# File under "MEANT WELL"



## Costa (Jan 26, 2008)

Friends of the family just came back from Mexico tonight. Super super couple. Handed me a bag with 4 cigars. Was very excited to give me CCs (the 4th is some Mexican brand). I know the Cohibas are not legit (Bolivar, maybe) the bands are pretty bad, both were in glass, and both glass tubes were filled with pieces of the cigar (you can see the spec's in one of the pictures). The part that bummed me out was he paid $100 USD for 4 Cohibas off some guy on the beach, was so excited to give them to me.

We went on the back deck for a smoke, and I gave him a legit Monte #2. Said "wow, this is so much better than than those Cohiba's I bought.
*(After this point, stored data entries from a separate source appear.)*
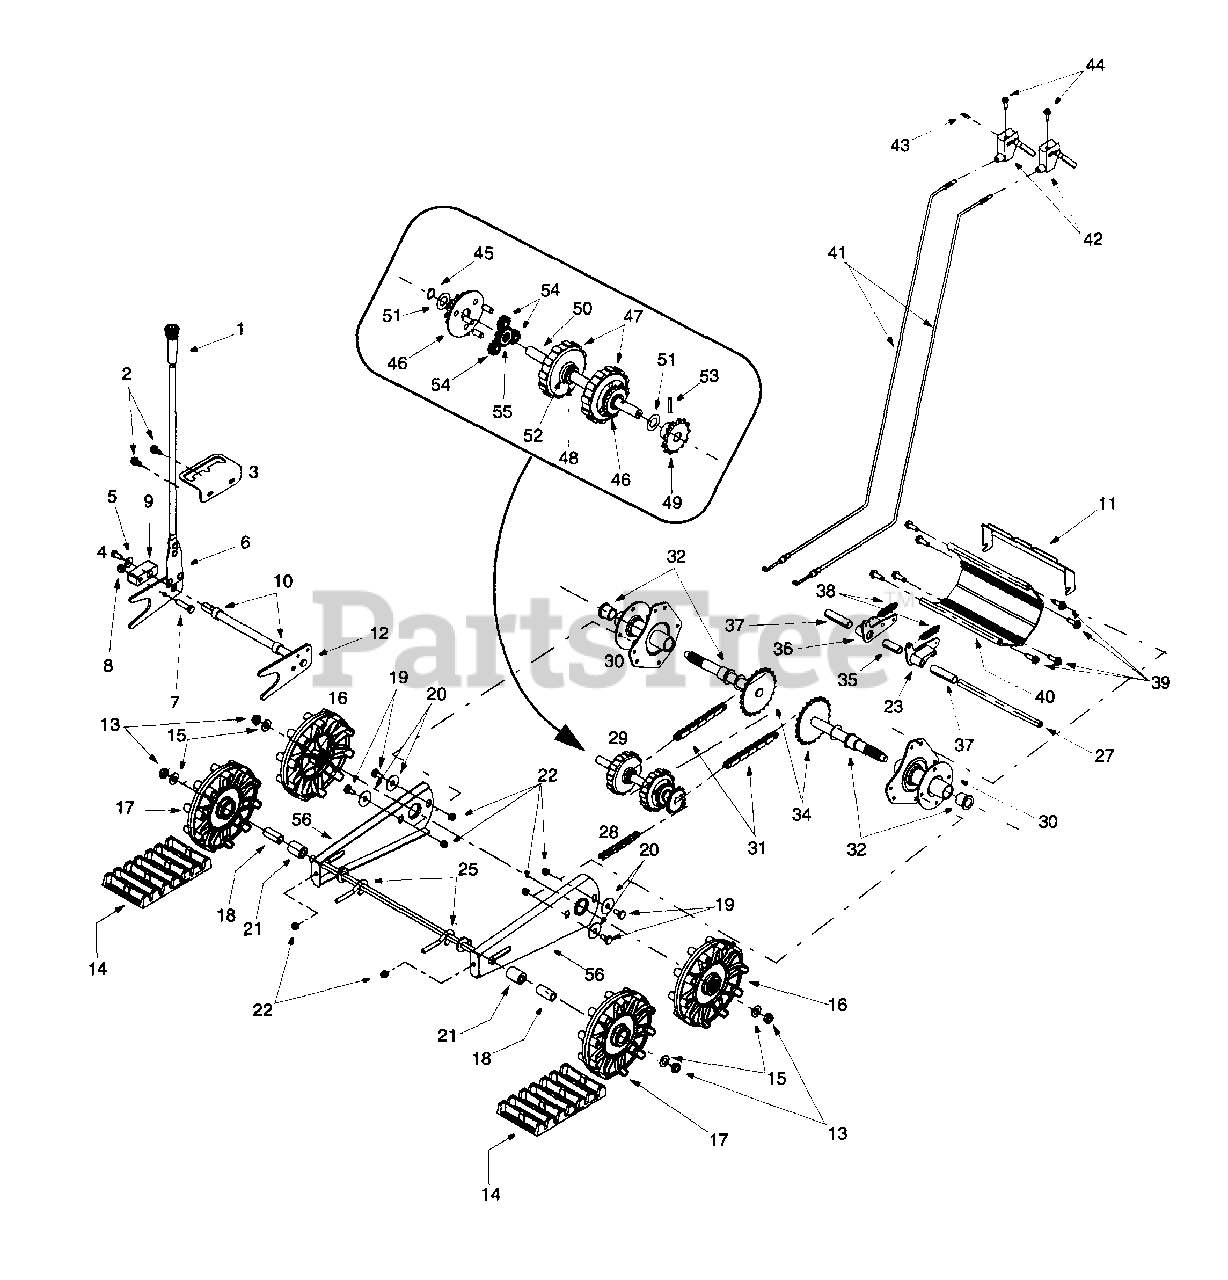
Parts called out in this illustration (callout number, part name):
2	Tap Screw, 5/16-18 x .625
4	Hex Cap Screw, 5/16-24 x .75
5	Bell Washer, .34 ID x .872 OD
7	Hex Cap Screw, 3/8-24 x 1.5
8	Hex Nut, 3/8-24
9	Lift Shaft Drive
10	Spacer, .628 ID x .875 OD x .5
13	Jam Nut, 1/2-20
15	Flat Washer, .5 x 1 x .06
16	Track Drive Wheel
17	Track Idler Wheel
18	Spacer, .51 ID x .75 OD x 1.67
19	Shoulder Screw, .435 x .178-5/16 x .56
20	Flat Washer, .442 x 1.38 x .06
21	Spacer, .51 ID x 1 OD x 1.34
22	Hex Nut, 5/16-18
23	LH Dogg Assembly
25	Eye Bolt, 5/16-18 x 3
27	Actuator Shaft
29	Track/Steering Shaft Assembly
32	Flange Bearing
34	Axle Assembly
35	Split Spacer, .514 x .630 x 1.59
36	RH Dogg Assembly
37	Split Spacer, .514 x .630 x 2.44
38	Ext. Spring
39	Tap Screw, 5/16-18 x 1
40	Track Housing
41	Steering Cable
42	Steering Trigger
44	Screw, #10-24 x 1.375
45	Retaining Ring
46	Carrier Assembly
47	Ring Gear
48	Retaining Ring
49	13-Tooth Sprocket
50	Track Steering Drive Shaft
51	Flat Washer, .58 x 1.06 x .02
52	Flat Washer, 5/8 x 1 x .03
53	Spirol Pin, 3/16 x 1
54	12-Tooth Gear
55	18-Tooth Gear
56	Track Side Plate

They smoked fast". Did not have the heart to tell him.......question:

1) do you guys tell well meaning family members or friends that what they are buying are fake?
2) by looking, does the Bolivar look legit (think he bought that someplace other than "a guy on the beach"
3) do you guys even bother smoking the fakes? Or just give them away or throw them away?

The pictures:


----------



## SilverFox (Feb 19, 2008)

My thoughts on telling them would be this, if he is going to end up going places on a semi regular basis and buying cigars then I would find a way to tell him. Try mentioning that you were on this forum and some folks had posted about the "rash of counterfeits in Mexico recently" and how they got taken. Give the guy an out for his ego.

If it is a one time thing, I say thank you very much for your thoughtfulness and generosity and move on. You have not said anything that wasn't true and you spare his self esteem.

Either way its a tough play.

As for the Cohiba's, my concern on counterfeits is what might be in them, I doubt there is anything wrong with them other than they may not be quality but I wouldn't smoke them. 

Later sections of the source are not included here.